___ SUPPLIED RECORDS
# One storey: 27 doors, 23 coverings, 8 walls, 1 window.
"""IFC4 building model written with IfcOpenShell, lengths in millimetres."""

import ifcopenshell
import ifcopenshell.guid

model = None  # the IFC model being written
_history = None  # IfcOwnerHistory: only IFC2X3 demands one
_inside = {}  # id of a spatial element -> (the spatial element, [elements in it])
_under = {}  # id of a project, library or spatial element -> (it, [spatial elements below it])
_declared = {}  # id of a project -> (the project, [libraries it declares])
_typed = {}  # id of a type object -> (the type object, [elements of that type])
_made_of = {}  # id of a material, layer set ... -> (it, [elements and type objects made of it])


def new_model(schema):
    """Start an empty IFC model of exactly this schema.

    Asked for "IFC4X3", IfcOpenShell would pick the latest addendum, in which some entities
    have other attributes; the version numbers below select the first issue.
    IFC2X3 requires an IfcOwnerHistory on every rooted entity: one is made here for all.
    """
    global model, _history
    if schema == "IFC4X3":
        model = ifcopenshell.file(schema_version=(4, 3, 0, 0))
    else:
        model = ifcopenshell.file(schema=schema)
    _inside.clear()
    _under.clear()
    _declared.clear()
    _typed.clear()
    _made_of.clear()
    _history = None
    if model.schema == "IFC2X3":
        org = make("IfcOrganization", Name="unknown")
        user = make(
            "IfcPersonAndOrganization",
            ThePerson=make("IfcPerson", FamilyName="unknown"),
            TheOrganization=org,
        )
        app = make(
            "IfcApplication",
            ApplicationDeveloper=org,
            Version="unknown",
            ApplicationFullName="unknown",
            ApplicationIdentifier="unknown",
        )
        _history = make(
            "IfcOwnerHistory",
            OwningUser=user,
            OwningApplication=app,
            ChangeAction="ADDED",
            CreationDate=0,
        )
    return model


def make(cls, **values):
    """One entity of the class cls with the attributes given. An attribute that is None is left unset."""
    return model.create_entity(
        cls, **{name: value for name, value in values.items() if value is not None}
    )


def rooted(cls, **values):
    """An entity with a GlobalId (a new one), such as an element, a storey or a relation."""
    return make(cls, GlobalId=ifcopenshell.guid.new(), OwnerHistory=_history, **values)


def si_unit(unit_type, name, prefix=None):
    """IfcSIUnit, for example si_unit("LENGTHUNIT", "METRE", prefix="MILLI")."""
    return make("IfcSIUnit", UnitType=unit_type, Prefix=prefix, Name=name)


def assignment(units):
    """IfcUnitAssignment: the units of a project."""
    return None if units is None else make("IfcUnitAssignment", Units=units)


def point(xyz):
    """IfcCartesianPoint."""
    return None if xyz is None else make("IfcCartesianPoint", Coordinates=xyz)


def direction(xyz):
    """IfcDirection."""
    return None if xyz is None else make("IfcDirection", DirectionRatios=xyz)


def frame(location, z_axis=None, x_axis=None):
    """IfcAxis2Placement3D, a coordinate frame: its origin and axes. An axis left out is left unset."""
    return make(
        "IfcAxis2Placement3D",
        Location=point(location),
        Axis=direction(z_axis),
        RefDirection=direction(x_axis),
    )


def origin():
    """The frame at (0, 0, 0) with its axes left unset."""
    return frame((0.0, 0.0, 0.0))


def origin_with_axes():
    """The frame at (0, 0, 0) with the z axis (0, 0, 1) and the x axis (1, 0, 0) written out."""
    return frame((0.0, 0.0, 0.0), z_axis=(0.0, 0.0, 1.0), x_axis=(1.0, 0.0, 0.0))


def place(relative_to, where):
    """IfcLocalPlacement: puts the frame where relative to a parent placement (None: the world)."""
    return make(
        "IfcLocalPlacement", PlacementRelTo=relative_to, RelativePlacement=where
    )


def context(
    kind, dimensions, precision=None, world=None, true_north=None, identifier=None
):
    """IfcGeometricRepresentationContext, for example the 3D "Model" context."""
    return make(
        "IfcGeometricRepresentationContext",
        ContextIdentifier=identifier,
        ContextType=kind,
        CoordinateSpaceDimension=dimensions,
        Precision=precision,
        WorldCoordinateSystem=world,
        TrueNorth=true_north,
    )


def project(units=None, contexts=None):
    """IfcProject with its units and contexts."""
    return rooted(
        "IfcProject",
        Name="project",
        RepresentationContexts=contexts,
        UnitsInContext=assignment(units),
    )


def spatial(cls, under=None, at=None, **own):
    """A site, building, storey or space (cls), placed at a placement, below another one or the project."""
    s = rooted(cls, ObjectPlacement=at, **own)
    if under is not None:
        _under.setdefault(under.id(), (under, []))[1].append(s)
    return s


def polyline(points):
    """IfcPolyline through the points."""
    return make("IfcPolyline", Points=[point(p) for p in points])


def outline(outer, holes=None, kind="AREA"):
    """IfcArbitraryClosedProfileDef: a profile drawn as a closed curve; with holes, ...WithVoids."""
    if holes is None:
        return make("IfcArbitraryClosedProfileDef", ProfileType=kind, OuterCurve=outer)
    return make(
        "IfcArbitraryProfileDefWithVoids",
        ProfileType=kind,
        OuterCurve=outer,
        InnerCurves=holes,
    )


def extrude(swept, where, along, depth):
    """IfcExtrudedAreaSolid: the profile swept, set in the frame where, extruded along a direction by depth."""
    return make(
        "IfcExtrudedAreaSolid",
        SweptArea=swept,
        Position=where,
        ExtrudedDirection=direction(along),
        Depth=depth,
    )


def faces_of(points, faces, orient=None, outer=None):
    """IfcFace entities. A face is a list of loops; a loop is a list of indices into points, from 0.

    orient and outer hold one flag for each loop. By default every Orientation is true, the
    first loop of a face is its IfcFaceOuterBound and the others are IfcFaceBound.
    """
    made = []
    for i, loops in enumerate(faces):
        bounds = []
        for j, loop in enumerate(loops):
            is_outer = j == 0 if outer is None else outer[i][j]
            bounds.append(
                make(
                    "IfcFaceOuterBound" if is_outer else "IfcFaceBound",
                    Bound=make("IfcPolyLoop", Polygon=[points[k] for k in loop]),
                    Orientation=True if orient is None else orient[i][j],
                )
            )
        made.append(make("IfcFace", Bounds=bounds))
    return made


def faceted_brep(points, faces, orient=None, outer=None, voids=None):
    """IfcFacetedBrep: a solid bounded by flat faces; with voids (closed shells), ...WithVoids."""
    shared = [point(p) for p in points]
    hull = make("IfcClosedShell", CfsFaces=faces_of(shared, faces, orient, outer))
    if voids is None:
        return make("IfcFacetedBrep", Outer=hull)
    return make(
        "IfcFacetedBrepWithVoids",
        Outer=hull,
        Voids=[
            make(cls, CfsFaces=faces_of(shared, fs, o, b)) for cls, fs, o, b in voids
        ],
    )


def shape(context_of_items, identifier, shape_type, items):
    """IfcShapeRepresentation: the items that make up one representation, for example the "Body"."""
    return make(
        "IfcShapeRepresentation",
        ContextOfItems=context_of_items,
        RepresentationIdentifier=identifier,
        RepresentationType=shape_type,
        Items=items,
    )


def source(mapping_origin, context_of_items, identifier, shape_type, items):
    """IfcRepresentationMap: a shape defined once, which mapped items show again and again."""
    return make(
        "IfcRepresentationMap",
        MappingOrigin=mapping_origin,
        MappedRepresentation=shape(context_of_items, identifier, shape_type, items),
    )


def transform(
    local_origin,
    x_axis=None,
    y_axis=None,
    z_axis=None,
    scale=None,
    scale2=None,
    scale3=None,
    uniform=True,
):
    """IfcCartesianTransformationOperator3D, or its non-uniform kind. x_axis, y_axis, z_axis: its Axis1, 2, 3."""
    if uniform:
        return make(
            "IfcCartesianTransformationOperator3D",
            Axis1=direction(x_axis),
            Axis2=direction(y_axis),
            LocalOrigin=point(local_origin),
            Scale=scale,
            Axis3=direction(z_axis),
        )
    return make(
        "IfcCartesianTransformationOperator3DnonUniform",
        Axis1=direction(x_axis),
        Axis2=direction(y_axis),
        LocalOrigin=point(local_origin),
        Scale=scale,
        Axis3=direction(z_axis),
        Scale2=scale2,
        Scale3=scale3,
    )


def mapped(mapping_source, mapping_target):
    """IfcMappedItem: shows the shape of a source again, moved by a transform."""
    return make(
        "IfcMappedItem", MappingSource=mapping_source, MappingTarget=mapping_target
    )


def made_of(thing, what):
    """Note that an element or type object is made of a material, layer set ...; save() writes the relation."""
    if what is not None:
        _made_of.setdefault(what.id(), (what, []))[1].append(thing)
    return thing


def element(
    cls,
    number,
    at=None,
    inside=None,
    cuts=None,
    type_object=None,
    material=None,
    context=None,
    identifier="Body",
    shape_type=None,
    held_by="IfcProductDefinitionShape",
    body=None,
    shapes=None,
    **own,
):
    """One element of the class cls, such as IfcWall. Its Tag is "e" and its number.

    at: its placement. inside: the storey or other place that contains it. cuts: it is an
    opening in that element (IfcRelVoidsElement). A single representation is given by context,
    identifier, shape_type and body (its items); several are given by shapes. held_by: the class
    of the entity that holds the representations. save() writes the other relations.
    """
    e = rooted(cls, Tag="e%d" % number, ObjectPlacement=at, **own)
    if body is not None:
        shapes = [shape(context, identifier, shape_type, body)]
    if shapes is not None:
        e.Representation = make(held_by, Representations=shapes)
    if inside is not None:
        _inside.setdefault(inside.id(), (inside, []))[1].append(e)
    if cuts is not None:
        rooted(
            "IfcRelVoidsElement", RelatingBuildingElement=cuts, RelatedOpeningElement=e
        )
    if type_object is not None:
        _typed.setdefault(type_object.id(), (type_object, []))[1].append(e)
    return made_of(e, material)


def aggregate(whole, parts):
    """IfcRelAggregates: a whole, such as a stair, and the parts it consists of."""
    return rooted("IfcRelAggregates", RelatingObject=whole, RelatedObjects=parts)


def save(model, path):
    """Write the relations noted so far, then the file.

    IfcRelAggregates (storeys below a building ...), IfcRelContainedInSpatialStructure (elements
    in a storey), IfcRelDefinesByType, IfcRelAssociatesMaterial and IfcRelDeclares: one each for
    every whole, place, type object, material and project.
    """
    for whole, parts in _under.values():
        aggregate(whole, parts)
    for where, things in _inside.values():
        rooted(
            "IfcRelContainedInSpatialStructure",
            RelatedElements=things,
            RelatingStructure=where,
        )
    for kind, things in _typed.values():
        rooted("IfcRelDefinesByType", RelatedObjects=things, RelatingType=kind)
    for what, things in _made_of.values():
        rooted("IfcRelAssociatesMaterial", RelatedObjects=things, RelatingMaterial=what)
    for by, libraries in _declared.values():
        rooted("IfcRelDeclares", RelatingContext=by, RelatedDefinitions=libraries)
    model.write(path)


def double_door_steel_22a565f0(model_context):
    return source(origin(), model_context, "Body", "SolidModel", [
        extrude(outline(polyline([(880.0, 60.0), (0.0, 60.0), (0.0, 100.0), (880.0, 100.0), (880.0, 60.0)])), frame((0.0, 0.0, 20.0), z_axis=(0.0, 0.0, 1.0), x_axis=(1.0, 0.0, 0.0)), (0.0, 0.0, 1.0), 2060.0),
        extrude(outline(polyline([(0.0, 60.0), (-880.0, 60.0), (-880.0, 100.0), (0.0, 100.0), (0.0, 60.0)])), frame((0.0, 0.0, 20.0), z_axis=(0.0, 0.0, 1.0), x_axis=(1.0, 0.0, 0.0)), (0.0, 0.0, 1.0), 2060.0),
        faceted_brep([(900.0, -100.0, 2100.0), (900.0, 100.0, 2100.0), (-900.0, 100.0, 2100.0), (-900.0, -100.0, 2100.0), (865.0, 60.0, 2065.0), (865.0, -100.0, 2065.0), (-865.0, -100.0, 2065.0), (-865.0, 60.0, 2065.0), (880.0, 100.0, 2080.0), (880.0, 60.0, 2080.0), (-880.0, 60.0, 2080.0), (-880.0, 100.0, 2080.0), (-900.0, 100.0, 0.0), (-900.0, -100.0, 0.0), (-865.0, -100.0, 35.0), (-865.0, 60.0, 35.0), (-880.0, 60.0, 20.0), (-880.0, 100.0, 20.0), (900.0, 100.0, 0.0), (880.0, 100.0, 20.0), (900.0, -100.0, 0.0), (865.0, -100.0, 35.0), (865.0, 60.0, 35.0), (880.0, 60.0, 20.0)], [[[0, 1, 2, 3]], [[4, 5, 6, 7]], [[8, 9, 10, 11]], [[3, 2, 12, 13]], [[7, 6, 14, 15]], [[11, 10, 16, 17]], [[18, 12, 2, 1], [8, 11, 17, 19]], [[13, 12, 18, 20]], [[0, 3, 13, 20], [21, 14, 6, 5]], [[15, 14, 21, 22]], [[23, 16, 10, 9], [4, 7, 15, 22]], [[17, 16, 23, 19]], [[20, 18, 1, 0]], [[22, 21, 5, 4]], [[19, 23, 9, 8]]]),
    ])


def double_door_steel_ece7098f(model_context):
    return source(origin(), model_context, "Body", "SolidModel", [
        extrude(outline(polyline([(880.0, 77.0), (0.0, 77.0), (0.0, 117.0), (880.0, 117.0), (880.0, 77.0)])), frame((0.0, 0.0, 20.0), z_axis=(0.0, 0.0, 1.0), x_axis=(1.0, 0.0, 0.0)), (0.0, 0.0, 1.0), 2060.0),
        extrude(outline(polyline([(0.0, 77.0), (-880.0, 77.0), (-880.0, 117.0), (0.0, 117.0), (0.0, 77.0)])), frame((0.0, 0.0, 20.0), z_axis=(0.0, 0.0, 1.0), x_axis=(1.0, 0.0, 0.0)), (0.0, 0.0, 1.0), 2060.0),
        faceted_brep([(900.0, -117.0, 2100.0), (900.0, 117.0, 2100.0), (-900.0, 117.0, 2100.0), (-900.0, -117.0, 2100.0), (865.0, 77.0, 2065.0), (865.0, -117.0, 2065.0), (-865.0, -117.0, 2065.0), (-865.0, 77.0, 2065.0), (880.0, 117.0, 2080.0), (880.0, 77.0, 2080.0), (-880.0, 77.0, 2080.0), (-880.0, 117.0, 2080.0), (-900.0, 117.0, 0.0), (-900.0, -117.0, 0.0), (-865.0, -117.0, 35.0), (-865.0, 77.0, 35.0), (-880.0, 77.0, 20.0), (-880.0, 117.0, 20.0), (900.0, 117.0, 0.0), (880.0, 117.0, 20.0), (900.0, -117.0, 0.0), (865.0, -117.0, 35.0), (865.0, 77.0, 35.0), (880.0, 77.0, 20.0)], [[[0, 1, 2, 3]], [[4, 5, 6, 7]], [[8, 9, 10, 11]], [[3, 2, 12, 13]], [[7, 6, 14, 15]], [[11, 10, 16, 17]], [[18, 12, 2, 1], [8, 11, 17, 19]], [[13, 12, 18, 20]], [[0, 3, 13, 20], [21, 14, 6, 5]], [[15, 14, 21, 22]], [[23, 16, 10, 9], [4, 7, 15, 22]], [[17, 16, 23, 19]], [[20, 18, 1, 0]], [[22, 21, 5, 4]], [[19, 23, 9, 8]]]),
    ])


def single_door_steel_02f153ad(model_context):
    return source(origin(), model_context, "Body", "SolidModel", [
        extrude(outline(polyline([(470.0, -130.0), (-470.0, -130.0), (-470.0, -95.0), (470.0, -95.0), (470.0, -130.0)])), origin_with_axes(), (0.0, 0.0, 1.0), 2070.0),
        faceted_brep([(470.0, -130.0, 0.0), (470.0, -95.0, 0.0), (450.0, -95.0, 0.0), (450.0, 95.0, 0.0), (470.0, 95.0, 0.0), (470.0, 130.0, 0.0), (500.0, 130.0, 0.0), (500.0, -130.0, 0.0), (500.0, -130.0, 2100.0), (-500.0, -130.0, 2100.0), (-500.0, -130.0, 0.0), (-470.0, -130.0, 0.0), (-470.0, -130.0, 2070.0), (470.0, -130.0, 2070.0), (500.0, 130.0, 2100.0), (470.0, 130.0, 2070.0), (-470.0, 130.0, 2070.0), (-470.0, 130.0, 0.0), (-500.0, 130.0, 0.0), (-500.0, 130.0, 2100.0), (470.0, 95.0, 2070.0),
______
__THE TASK__: The expected output is the exact run of lines from the start of the entries through the line with "exactly this schema.", inclusive.

__RESPONSE AREA__:
# One storey: 27 doors, 23 coverings, 8 walls, 1 window.
"""IFC4 building model written with IfcOpenShell, lengths in millimetres."""

import ifcopenshell
import ifcopenshell.guid

model = None  # the IFC model being written
_history = None  # IfcOwnerHistory: only IFC2X3 demands one
_inside = {}  # id of a spatial element -> (the spatial element, [elements in it])
_under = {}  # id of a project, library or spatial element -> (it, [spatial elements below it])
_declared = {}  # id of a project -> (the project, [libraries it declares])
_typed = {}  # id of a type object -> (the type object, [elements of that type])
_made_of = {}  # id of a material, layer set ... -> (it, [elements and type objects made of it])


def new_model(schema):
    """Start an empty IFC model of exactly this schema.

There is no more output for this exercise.